**Requirement:** The expected output is the full data, repeated exactly, without pictures.

[Saved data entries]
--*--

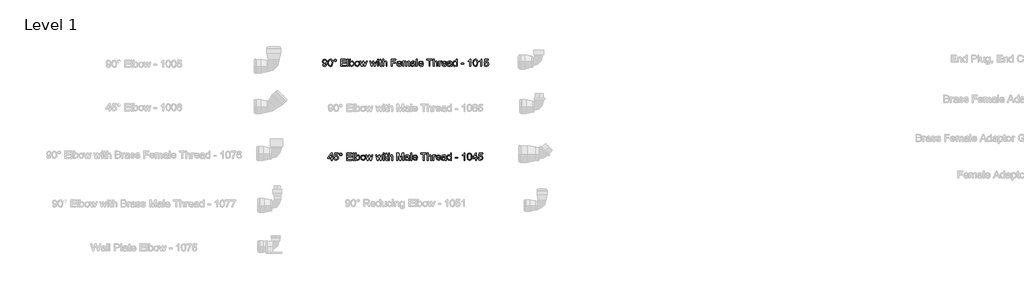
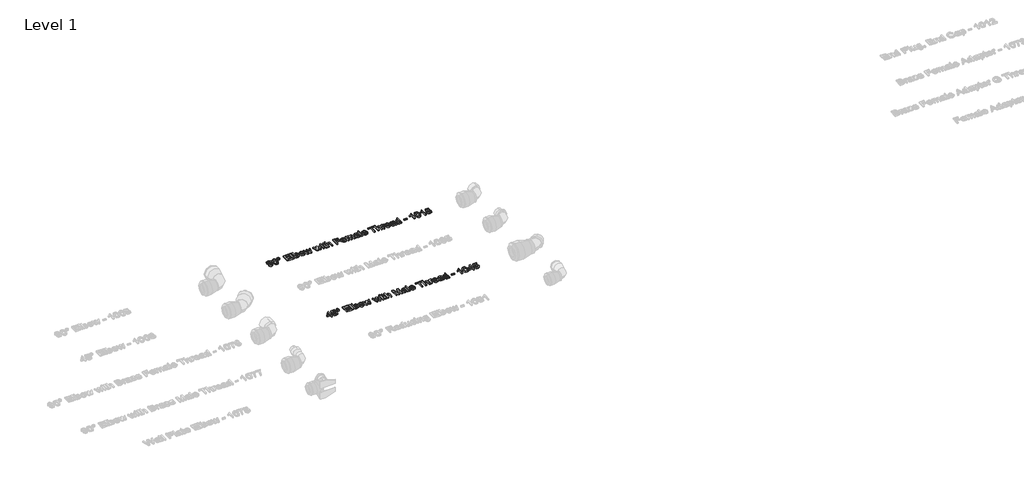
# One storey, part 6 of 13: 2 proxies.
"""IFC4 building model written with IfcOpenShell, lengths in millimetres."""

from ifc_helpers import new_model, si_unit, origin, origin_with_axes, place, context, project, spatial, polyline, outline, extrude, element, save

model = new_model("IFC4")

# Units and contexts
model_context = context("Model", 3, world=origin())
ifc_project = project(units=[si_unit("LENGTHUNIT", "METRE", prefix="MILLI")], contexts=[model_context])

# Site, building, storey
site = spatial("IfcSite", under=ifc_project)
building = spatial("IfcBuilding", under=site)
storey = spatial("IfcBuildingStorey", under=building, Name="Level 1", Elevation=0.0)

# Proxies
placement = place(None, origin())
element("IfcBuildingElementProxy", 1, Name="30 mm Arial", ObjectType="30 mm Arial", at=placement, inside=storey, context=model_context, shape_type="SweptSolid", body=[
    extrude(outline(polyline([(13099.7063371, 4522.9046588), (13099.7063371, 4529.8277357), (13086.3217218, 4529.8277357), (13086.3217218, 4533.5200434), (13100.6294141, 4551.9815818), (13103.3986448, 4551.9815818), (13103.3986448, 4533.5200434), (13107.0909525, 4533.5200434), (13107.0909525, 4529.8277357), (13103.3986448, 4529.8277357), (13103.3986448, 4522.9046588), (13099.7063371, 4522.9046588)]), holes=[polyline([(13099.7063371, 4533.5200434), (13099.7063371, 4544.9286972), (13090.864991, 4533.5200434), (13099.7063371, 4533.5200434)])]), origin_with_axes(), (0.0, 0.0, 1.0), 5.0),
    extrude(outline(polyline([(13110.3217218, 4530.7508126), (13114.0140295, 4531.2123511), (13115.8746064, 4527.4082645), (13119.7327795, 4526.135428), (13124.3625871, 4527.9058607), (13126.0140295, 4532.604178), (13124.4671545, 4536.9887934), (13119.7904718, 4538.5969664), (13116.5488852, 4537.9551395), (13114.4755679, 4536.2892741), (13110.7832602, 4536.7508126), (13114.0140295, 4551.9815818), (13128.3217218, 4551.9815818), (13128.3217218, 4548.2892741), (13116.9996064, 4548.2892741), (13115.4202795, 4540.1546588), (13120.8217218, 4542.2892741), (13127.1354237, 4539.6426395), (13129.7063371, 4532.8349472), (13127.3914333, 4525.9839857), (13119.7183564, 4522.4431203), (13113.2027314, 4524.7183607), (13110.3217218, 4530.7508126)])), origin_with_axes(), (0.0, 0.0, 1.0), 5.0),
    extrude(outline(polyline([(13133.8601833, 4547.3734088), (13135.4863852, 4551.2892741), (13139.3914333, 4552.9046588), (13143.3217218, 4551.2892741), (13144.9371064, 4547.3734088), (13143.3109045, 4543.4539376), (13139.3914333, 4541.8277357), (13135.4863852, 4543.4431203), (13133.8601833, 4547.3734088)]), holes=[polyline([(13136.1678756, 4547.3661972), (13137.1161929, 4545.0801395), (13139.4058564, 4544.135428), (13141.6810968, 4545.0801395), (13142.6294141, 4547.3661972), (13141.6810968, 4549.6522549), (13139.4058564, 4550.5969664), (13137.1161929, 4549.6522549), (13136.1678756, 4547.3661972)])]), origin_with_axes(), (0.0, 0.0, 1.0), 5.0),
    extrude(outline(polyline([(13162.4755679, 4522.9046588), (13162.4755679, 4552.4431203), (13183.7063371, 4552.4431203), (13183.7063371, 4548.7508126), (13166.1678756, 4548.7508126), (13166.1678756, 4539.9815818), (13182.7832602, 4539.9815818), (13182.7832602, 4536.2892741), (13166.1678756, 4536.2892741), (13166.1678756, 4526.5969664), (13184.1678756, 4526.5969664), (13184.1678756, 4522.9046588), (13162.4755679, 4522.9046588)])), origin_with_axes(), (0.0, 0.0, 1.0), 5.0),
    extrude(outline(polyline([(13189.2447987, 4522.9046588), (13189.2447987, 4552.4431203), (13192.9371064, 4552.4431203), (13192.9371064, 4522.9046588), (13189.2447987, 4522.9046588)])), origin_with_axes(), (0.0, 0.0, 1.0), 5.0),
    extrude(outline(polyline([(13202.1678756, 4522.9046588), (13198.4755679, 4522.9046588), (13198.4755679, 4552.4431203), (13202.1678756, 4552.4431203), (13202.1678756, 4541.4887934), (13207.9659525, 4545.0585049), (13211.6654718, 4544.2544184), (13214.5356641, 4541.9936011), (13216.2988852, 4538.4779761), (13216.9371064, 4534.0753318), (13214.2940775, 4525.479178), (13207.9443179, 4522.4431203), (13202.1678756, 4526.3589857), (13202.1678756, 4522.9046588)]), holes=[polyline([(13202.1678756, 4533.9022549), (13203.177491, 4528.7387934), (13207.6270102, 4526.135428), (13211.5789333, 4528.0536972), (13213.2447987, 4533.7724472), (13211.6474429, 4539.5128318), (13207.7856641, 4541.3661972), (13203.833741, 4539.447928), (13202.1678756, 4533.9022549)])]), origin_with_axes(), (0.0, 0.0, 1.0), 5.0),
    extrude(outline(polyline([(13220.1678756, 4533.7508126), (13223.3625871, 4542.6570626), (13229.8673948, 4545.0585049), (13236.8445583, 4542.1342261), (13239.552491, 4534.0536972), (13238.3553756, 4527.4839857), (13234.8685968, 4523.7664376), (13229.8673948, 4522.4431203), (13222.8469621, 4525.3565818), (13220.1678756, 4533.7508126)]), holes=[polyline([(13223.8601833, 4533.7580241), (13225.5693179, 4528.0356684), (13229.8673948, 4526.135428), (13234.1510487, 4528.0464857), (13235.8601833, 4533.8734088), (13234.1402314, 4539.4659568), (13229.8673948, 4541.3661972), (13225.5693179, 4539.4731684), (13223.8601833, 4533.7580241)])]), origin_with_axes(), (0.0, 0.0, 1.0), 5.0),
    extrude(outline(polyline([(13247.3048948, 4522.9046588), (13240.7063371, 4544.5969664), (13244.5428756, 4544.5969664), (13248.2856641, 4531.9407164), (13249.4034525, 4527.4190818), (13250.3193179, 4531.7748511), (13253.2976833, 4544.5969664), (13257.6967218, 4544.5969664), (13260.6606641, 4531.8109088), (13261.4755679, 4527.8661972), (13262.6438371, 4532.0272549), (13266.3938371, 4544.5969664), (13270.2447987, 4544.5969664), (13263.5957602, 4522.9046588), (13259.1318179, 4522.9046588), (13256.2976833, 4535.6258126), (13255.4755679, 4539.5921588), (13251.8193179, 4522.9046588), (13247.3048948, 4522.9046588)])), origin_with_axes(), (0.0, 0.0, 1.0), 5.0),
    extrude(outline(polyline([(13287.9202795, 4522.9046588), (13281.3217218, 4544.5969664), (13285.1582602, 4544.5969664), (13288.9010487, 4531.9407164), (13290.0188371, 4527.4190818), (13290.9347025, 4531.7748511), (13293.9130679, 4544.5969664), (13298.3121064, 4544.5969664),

--*--

**Answer section:**
# One storey, part 6 of 13: 2 proxies.
"""IFC4 building model written with IfcOpenShell, lengths in millimetres."""

from ifc_helpers import new_model, si_unit, origin, origin_with_axes, place, context, project, spatial, polyline, outline, extrude, element, save

model = new_model("IFC4")

# Units and contexts
model_context = context("Model", 3, world=origin())
ifc_project = project(units=[si_unit("LENGTHUNIT", "METRE", prefix="MILLI")], contexts=[model_context])

# Site, building, storey
site = spatial("IfcSite", under=ifc_project)
building = spatial("IfcBuilding", under=site)
storey = spatial("IfcBuildingStorey", under=building, Name="Level 1", Elevation=0.0)

# Proxies
placement = place(None, origin())
element("IfcBuildingElementProxy", 1, Name="30 mm Arial", ObjectType="30 mm Arial", at=placement, inside=storey, context=model_context, shape_type="SweptSolid", body=[
    extrude(outline(polyline([(13099.7063371, 4522.9046588), (13099.7063371, 4529.8277357), (13086.3217218, 4529.8277357), (13086.3217218, 4533.5200434), (13100.6294141, 4551.9815818), (13103.3986448, 4551.9815818), (13103.3986448, 4533.5200434), (13107.0909525, 4533.5200434), (13107.0909525, 4529.8277357), (13103.3986448, 4529.8277357), (13103.3986448, 4522.9046588), (13099.7063371, 4522.9046588)]), holes=[polyline([(13099.7063371, 4533.5200434), (13099.7063371, 4544.9286972), (13090.864991, 4533.5200434), (13099.7063371, 4533.5200434)])]), origin_with_axes(), (0.0, 0.0, 1.0), 5.0),
    extrude(outline(polyline([(13110.3217218, 4530.7508126), (13114.0140295, 4531.2123511), (13115.8746064, 4527.4082645), (13119.7327795, 4526.135428), (13124.3625871, 4527.9058607), (13126.0140295, 4532.604178), (13124.4671545, 4536.9887934), (13119.7904718, 4538.5969664), (13116.5488852, 4537.9551395), (13114.4755679, 4536.2892741), (13110.7832602, 4536.7508126), (13114.0140295, 4551.9815818), (13128.3217218, 4551.9815818), (13128.3217218, 4548.2892741), (13116.9996064, 4548.2892741), (13115.4202795, 4540.1546588), (13120.8217218, 4542.2892741), (13127.1354237, 4539.6426395), (13129.7063371, 4532.8349472), (13127.3914333, 4525.9839857), (13119.7183564, 4522.4431203), (13113.2027314, 4524.7183607), (13110.3217218, 4530.7508126)])), origin_with_axes(), (0.0, 0.0, 1.0), 5.0),
    extrude(outline(polyline([(13133.8601833, 4547.3734088), (13135.4863852, 4551.2892741), (13139.3914333, 4552.9046588), (13143.3217218, 4551.2892741), (13144.9371064, 4547.3734088), (13143.3109045, 4543.4539376), (13139.3914333, 4541.8277357), (13135.4863852, 4543.4431203), (13133.8601833, 4547.3734088)]), holes=[polyline([(13136.1678756, 4547.3661972), (13137.1161929, 4545.0801395), (13139.4058564, 4544.135428), (13141.6810968, 4545.0801395), (13142.6294141, 4547.3661972), (13141.6810968, 4549.6522549), (13139.4058564, 4550.5969664), (13137.1161929, 4549.6522549), (13136.1678756, 4547.3661972)])]), origin_with_axes(), (0.0, 0.0, 1.0), 5.0),
    extrude(outline(polyline([(13162.4755679, 4522.9046588), (13162.4755679, 4552.4431203), (13183.7063371, 4552.4431203), (13183.7063371, 4548.7508126), (13166.1678756, 4548.7508126), (13166.1678756, 4539.9815818), (13182.7832602, 4539.9815818), (13182.7832602, 4536.2892741), (13166.1678756, 4536.2892741), (13166.1678756, 4526.5969664), (13184.1678756, 4526.5969664), (13184.1678756, 4522.9046588), (13162.4755679, 4522.9046588)])), origin_with_axes(), (0.0, 0.0, 1.0), 5.0),
    extrude(outline(polyline([(13189.2447987, 4522.9046588), (13189.2447987, 4552.4431203), (13192.9371064, 4552.4431203), (13192.9371064, 4522.9046588), (13189.2447987, 4522.9046588)])), origin_with_axes(), (0.0, 0.0, 1.0), 5.0),
    extrude(outline(polyline([(13202.1678756, 4522.9046588), (13198.4755679, 4522.9046588), (13198.4755679, 4552.4431203), (13202.1678756, 4552.4431203), (13202.1678756, 4541.4887934), (13207.9659525, 4545.0585049), (13211.6654718, 4544.2544184), (13214.5356641, 4541.9936011), (13216.2988852, 4538.4779761), (13216.9371064, 4534.0753318), (13214.2940775, 4525.479178), (13207.9443179, 4522.4431203), (13202.1678756, 4526.3589857), (13202.1678756, 4522.9046588)]), holes=[polyline([(13202.1678756, 4533.9022549), (13203.177491, 4528.7387934), (13207.6270102, 4526.135428), (13211.5789333, 4528.0536972), (13213.2447987, 4533.7724472), (13211.6474429, 4539.5128318), (13207.7856641, 4541.3661972), (13203.833741, 4539.447928), (13202.1678756, 4533.9022549)])]), origin_with_axes(), (0.0, 0.0, 1.0), 5.0),
    extrude(outline(polyline([(13220.1678756, 4533.7508126), (13223.3625871, 4542.6570626), (13229.8673948, 4545.0585049), (13236.8445583, 4542.1342261), (13239.552491, 4534.0536972), (13238.3553756, 4527.4839857), (13234.8685968, 4523.7664376), (13229.8673948, 4522.4431203), (13222.8469621, 4525.3565818), (13220.1678756, 4533.7508126)]), holes=[polyline([(13223.8601833, 4533.7580241), (13225.5693179, 4528.0356684), (13229.8673948, 4526.135428), (13234.1510487, 4528.0464857), (13235.8601833, 4533.8734088), (13234.1402314, 4539.4659568), (13229.8673948, 4541.3661972), (13225.5693179, 4539.4731684), (13223.8601833, 4533.7580241)])]), origin_with_axes(), (0.0, 0.0, 1.0), 5.0),
    extrude(outline(polyline([(13247.3048948, 4522.9046588), (13240.7063371, 4544.5969664), (13244.5428756, 4544.5969664), (13248.2856641, 4531.9407164), (13249.4034525, 4527.4190818), (13250.3193179, 4531.7748511), (13253.2976833, 4544.5969664), (13257.6967218, 4544.5969664), (13260.6606641, 4531.8109088), (13261.4755679, 4527.8661972), (13262.6438371, 4532.0272549), (13266.3938371, 4544.5969664), (13270.2447987, 4544.5969664), (13263.5957602, 4522.9046588), (13259.1318179, 4522.9046588), (13256.2976833, 4535.6258126), (13255.4755679, 4539.5921588), (13251.8193179, 4522.9046588), (13247.3048948, 4522.9046588)])), origin_with_axes(), (0.0, 0.0, 1.0), 5.0),
    extrude(outline(polyline([(13287.9202795, 4522.9046588), (13281.3217218, 4544.5969664), (13285.1582602, 4544.5969664), (13288.9010487, 4531.9407164), (13290.0188371, 4527.4190818), (13290.9347025, 4531.7748511), (13293.9130679, 4544.5969664), (13298.3121064, 4544.5969664),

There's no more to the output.